_PROMPT_:
All that is needed is every line of the listing below that has "under".

_MATERIAL FOR THIS TASK_:
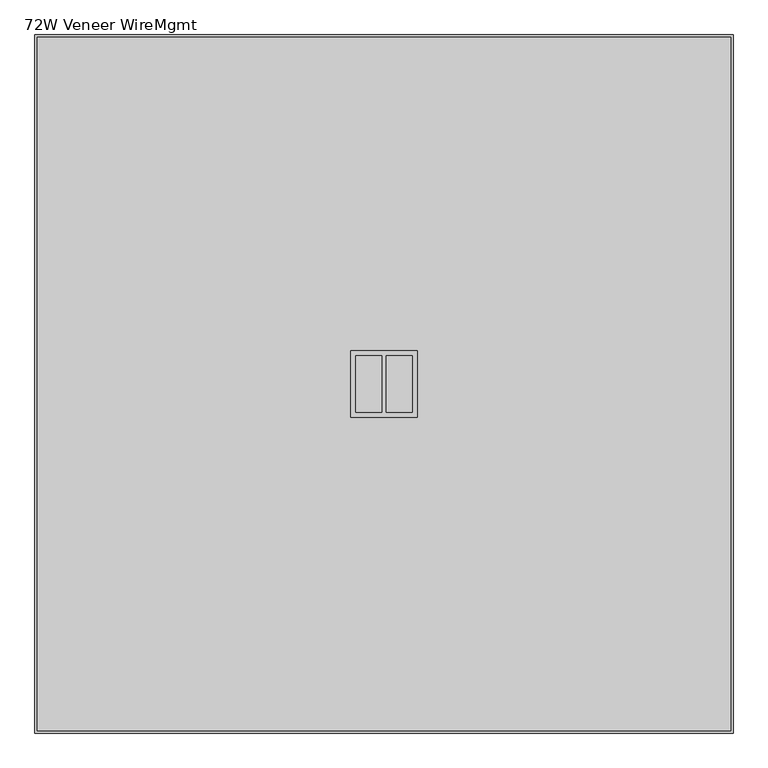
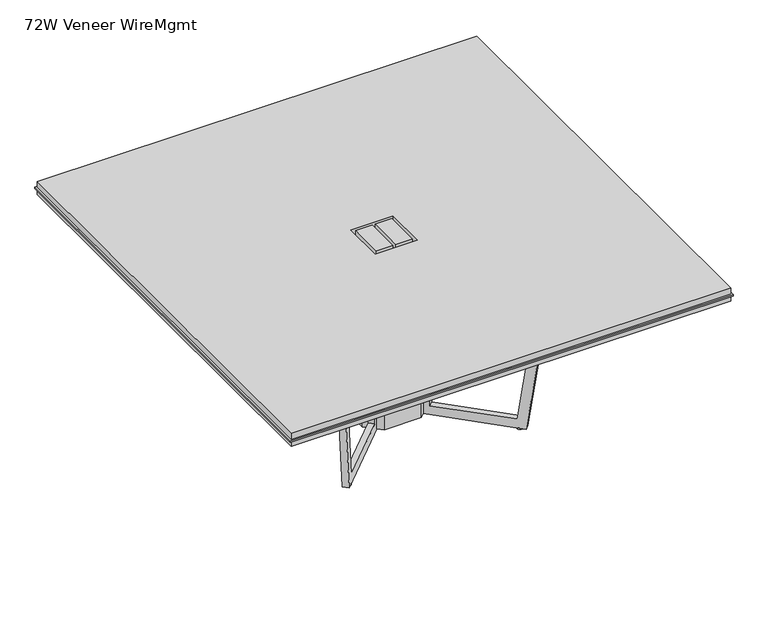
"""IFC4 building model written with IfcOpenShell, lengths in millimetres: furniture geometry, Knoll_Datesweiser_Tables_Meeting_Highline_Square : 72W Veneer WireMgmt."""

from ifc_helpers import new_model, si_unit, point, frame, frame_2d, origin, origin_with_axes, place, context, project, spatial, polyline, circle_curve, trimmed, segment, composite_curve, outline, extrude, faceted_brep, source, transform, mapped, element, save


def furniture_72w_veneer_wiremgmt_dc4085cc(model_context):
    return source(origin(), model_context, "Body", "SolidModel", [
        extrude(outline(polyline([(914.4, 914.4), (914.4, -914.4), (-914.4, -914.4), (-914.4, 914.4), (914.4, 914.4)])), frame((0.0, 0.0, 698.5), z_axis=(0.0, 0.0, 1.0), x_axis=(1.0, 0.0, 0.0)), (0.0, 0.0, 1.0), 25.4),
        extrude(outline(polyline([(914.4, 914.4), (914.4, -914.4), (-914.4, -914.4), (-914.4, 914.4), (914.4, 914.4)]), holes=[polyline([(-87.3125, -87.3125), (87.3125, -87.3125), (87.3125, 87.3125), (-87.3125, 87.3125), (-87.3125, -87.3125)])]), frame((0.0, 0.0, 730.25), z_axis=(0.0, 0.0, 1.0), x_axis=(1.0, 0.0, 0.0)), (0.0, 0.0, 1.0), 25.4),
        extrude(outline(polyline([(6.35, -74.6125), (6.35, 74.6125), (74.6125, 74.6125), (74.6125, -74.6125), (6.35, -74.6125)])), frame((0.0, 0.0, 730.25), z_axis=(0.0, 0.0, 1.0), x_axis=(1.0, 0.0, 0.0)), (0.0, 0.0, 1.0), 25.4),
        extrude(outline(polyline([(-6.35, 74.6125), (-6.35, -74.6125), (-74.6125, -74.6125), (-74.6125, 74.6125), (-6.35, 74.6125)])), frame((0.0, 0.0, 730.25), z_axis=(0.0, 0.0, 1.0), x_axis=(1.0, 0.0, 0.0)), (0.0, 0.0, 1.0), 25.4),
        extrude(outline(polyline([(920.75, 920.75), (920.75, -920.75), (-920.75, -920.75), (-920.75, 920.75), (920.75, 920.75)]), holes=[polyline([(-87.3125, -87.3125), (87.3125, -87.3125), (87.3125, 87.3125), (-87.3125, 87.3125), (-87.3125, -87.3125)])]), frame((0.0, 0.0, 723.9), z_axis=(0.0, 0.0, 1.0), x_axis=(1.0, 0.0, 0.0)), (0.0, 0.0, 1.0), 6.35),
        extrude(outline(polyline([(6.35, -74.6125), (6.35, 74.6125), (74.6125, 74.6125), (74.6125, -74.6125), (6.35, -74.6125)])), frame((0.0, 0.0, 723.9), z_axis=(0.0, 0.0, 1.0), x_axis=(1.0, 0.0, 0.0)), (0.0, 0.0, 1.0), 6.35),
        extrude(outline(polyline([(-6.35, 74.6125), (-6.35, -74.6125), (-74.6125, -74.6125), (-74.6125, 74.6125), (-6.35, 74.6125)])), frame((0.0, 0.0, 723.9), z_axis=(0.0, 0.0, 1.0), x_axis=(1.0, 0.0, 0.0)), (0.0, 0.0, 1.0), 6.35),
        extrude(outline(composite_curve([segment(trimmed(circle_curve(frame_2d((-357.9481367, -357.9481367)), 12.7), [point((-345.2481367, -357.9481367))], [point((-370.6481367, -357.9481367))], False, "CARTESIAN"), True, "CONTINUOUS"), segment(trimmed(circle_curve(frame_2d((-357.9481367, -357.9481367)), 12.7), [point((-370.6481367, -357.9481367))], [point((-345.2481367, -357.9481367))], False, "CARTESIAN"), True, "CONTINUOUS")], self_intersect=False)), origin_with_axes(), (0.0, 0.0, 1.0), 5.9867797),
        extrude(outline(composite_curve([segment(trimmed(circle_curve(frame_2d((-357.9481367, 357.9481367)), 12.7), [point((-345.2481367, 357.9481367))], [point((-370.6481367, 357.9481367))], False, "CARTESIAN"), True, "CONTINUOUS"), segment(trimmed(circle_curve(frame_2d((-357.9481367, 357.9481367)), 12.7), [point((-370.6481367, 357.9481367))], [point((-345.2481367, 357.9481367))], False, "CARTESIAN"), True, "CONTINUOUS")], self_intersect=False)), origin_with_axes(), (0.0, 0.0, 1.0), 5.9867797),
        extrude(outline(composite_curve([segment(trimmed(circle_curve(frame_2d((357.9481367, -357.9481367)), 12.7), [point((370.6481367, -357.9481367))], [point((345.2481367, -357.9481367))], False, "CARTESIAN"), True, "CONTINUOUS"), segment(trimmed(circle_curve(frame_2d((357.9481367, -357.9481367)), 12.7), [point((345.2481367, -357.9481367))], [point((370.6481367, -357.9481367))], False, "CARTESIAN"), True, "CONTINUOUS")], self_intersect=False)), origin_with_axes(), (0.0, 0.0, 1.0), 5.9867797),
        extrude(outline(composite_curve([segment(trimmed(circle_curve(frame_2d((357.9481367, 357.9481367)), 12.7), [point((370.6481367, 357.9481367))], [point((345.2481367, 357.9481367))], False, "CARTESIAN"), True, "CONTINUOUS"), segment(trimmed(circle_curve(frame_2d((357.9481367, 357.9481367)), 12.7), [point((345.2481367, 357.9481367))], [point((370.6481367, 357.9481367))], False, "CARTESIAN"), True, "CONTINUOUS")], self_intersect=False)), origin_with_axes(), (0.0, 0.0, 1.0), 5.9867797),
        faceted_brep([(-105.5180417, 87.5575295, 698.5000242), (-132.4542329, 114.4937206, 698.5000242), (-132.4542329, 114.4937206, 44.0867803), (-362.731756, 344.7712438, 44.0867803), (-427.7656237, 409.8051114, 698.5000242), (-454.9711667, 437.0106545, 698.5000242), (-386.1246404, 368.1641282, 5.7213276), (-115.3405838, 97.3800716, 6.2173274), (-115.3405838, 97.3800716, 679.2551774), (-105.5179146, 87.5574023, 679.2551774), (368.1641282, -386.1246404, 5.7213276), (437.0106545, -454.9711667, 698.5000242), (409.8051114, -427.7656237, 698.5000242), (344.7712438, -362.731756, 44.0867803), (114.4937206, -132.4542329, 44.0867803), (114.4937206, -132.4542329, 698.5000242), (87.5575295, -105.5180417, 698.5000242), (87.5574023, -105.5179146, 679.2551774), (97.3800716, -115.3405838, 679.2551774), (97.3800716, -115.3405838, 6.2173274), (-368.1641282, 386.1246404, 5.7213276), (-437.0106545, 454.9711667, 698.5000242), (-409.8051114, 427.7656237, 698.5000242), (-344.7712438, 362.731756, 44.0867803), (-114.4937206, 132.4542329, 44.0867803), (-114.4937206, 132.4542329, 698.5000242), (-87.5575295, 105.5180417, 698.5000242), (-87.5574023, 105.5179146, 679.2551774), (-97.3800759, 115.3405882, 679.2551774), (-97.3800759, 115.3405882, 6.2173274), (105.5180417, -87.5575295, 698.5000242), (132.4542329, -114.4937206, 698.5000242), (132.4542329, -114.4937206, 44.0867803), (362.731756, -344.7712438, 44.0867803), (427.7656237, -409.8051114, 698.5000242), (454.9711667, -437.0106545, 698.5000242), (386.1246404, -368.1641282, 5.7213276), (115.3405882, -97.3800759, 6.2173274), (115.3405882, -97.3800759, 679.2551774), (105.5179146, -87.5574023, 679.2551774), (-134.8689207, 77.8517251, 679.2551774), (-134.8689207, -77.8517528, 679.2551774), (-77.8517251, -134.8689207, 679.2551774), (77.8517251, -134.8689207, 679.2551774), (134.8689207, -77.8517528, 679.2551774), (134.8689207, 77.8517251, 679.2551774), (77.8517528, 134.8689207, 679.2551774), (-77.8517528, 134.8689207, 679.2551774), (-134.8689207, 77.8517251, 5.8810183), (-77.8517528, 134.8689207, 5.8810183), (77.8517528, 134.8689207, 5.8810183), (134.8689207, 77.8517251, 5.8810183), (134.8689207, -77.8517528, 5.8810183), (77.8517251, -134.8689207, 5.8810183), (-77.8517251, -134.8689207, 5.8810183), (-134.8689207, -77.8517528, 5.8810183)], [[[0, 1, 2, 3, 4, 5, 6, 7, 8, 9]], [[10, 11, 12, 13, 14, 15, 16, 17, 18, 19]], [[20, 21, 22, 23, 24, 25, 26, 27, 28, 29]], [[30, 31, 32, 33, 34, 35, 36, 37, 38, 39]], [[3, 2, 24, 23]], [[4, 3, 23, 22]], [[5, 4, 22, 21]], [[6, 5, 21, 20]], [[6, 20, 29, 7]], [[26, 0, 9, 27]], [[1, 0, 26, 25]], [[2, 1, 25, 24]], [[36, 10, 19, 37]], [[11, 10, 36, 35]], [[12, 11, 35, 34]], [[13, 12, 34, 33]], [[14, 13, 33, 32]], [[15, 14, 32, 31]], [[16, 15, 31, 30]], [[16, 30, 39, 17]], [[40, 41, 42, 43, 18, 17, 39, 38, 44, 45, 46, 47, 28, 27, 9, 8]], [[48, 49, 50, 51, 52, 53, 54, 55]], [[41, 40, 48, 55]], [[42, 41, 55, 54]], [[43, 42, 54, 53]], [[53, 52, 44, 38, 37, 19, 18, 43]], [[45, 44, 52, 51]], [[46, 45, 51, 50]], [[47, 46, 50, 49]], [[49, 48, 40, 8, 7, 29, 28, 47]]]),
        extrude(outline(polyline([(687.3294598, 0.0), (687.8397529, -396.8441293), (-4.9398532, -494.2013488), (-4.9394938, -455.7269008), (649.4746093, -363.7612365), (649.4776515, -38.0996402), (-4.9355924, -38.0935268), (-4.9352365, 0.0), (687.3294598, 0.0)])), frame((105.5180091, 87.5574969, 693.5647877), z_axis=(-0.7071067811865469, 0.7071067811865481, 0.0), x_axis=(-6.605612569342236e-06, -6.605612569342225e-06, -0.9999999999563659)), (0.0, 0.0, 1.0), 25.4),
        extrude(outline(polyline([(687.3320105, 273.0371574), (-4.9326857, 273.0500913), (-4.9323299, 311.1436182), (649.480914, 311.1375048), (649.4839562, 636.7991012), (-4.9284285, 728.7769922), (-4.928069, 767.2514401), (687.849718, 669.8812771), (687.3320105, 273.0371574)])), frame((105.5180091, 87.5574969, 693.5647877), z_axis=(-0.7071067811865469, 0.7071067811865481, 0.0), x_axis=(-6.605612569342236e-06, -6.605612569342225e-06, -0.9999999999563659)), (0.0, 0.0, 1.0), 25.4),
    ])


if __name__ == "__main__":
    model = new_model("IFC4")
    model_context = context("Model", 3, world=origin())
    ifc_project = project(units=[si_unit("LENGTHUNIT", "METRE", prefix="MILLI")], contexts=[model_context])
    site = spatial("IfcSite", under=ifc_project)
    building = spatial("IfcBuilding", under=site)
    placement = place(None, origin())
    furniture_72w_veneer_wiremgmt_shape = furniture_72w_veneer_wiremgmt_dc4085cc(model_context)
    element("IfcFurniture", 1, ObjectType="Knoll_Datesweiser_Tables_Meeting_Highline_Square : 72W Veneer WireMgmt", at=placement, inside=building, context=model_context, shape_type="MappedRepresentation", body=[
        mapped(furniture_72w_veneer_wiremgmt_shape, transform((0.0, 0.0, 0.0), x_axis=(1.0, 0.0, 0.0), y_axis=(0.0, 1.0, 0.0), z_axis=(0.0, 0.0, 1.0))),
    ])
    save(model, "model.ifc")

_TASK ANSWER_:
    site = spatial("IfcSite", under=ifc_project)
    building = spatial("IfcBuilding", under=site)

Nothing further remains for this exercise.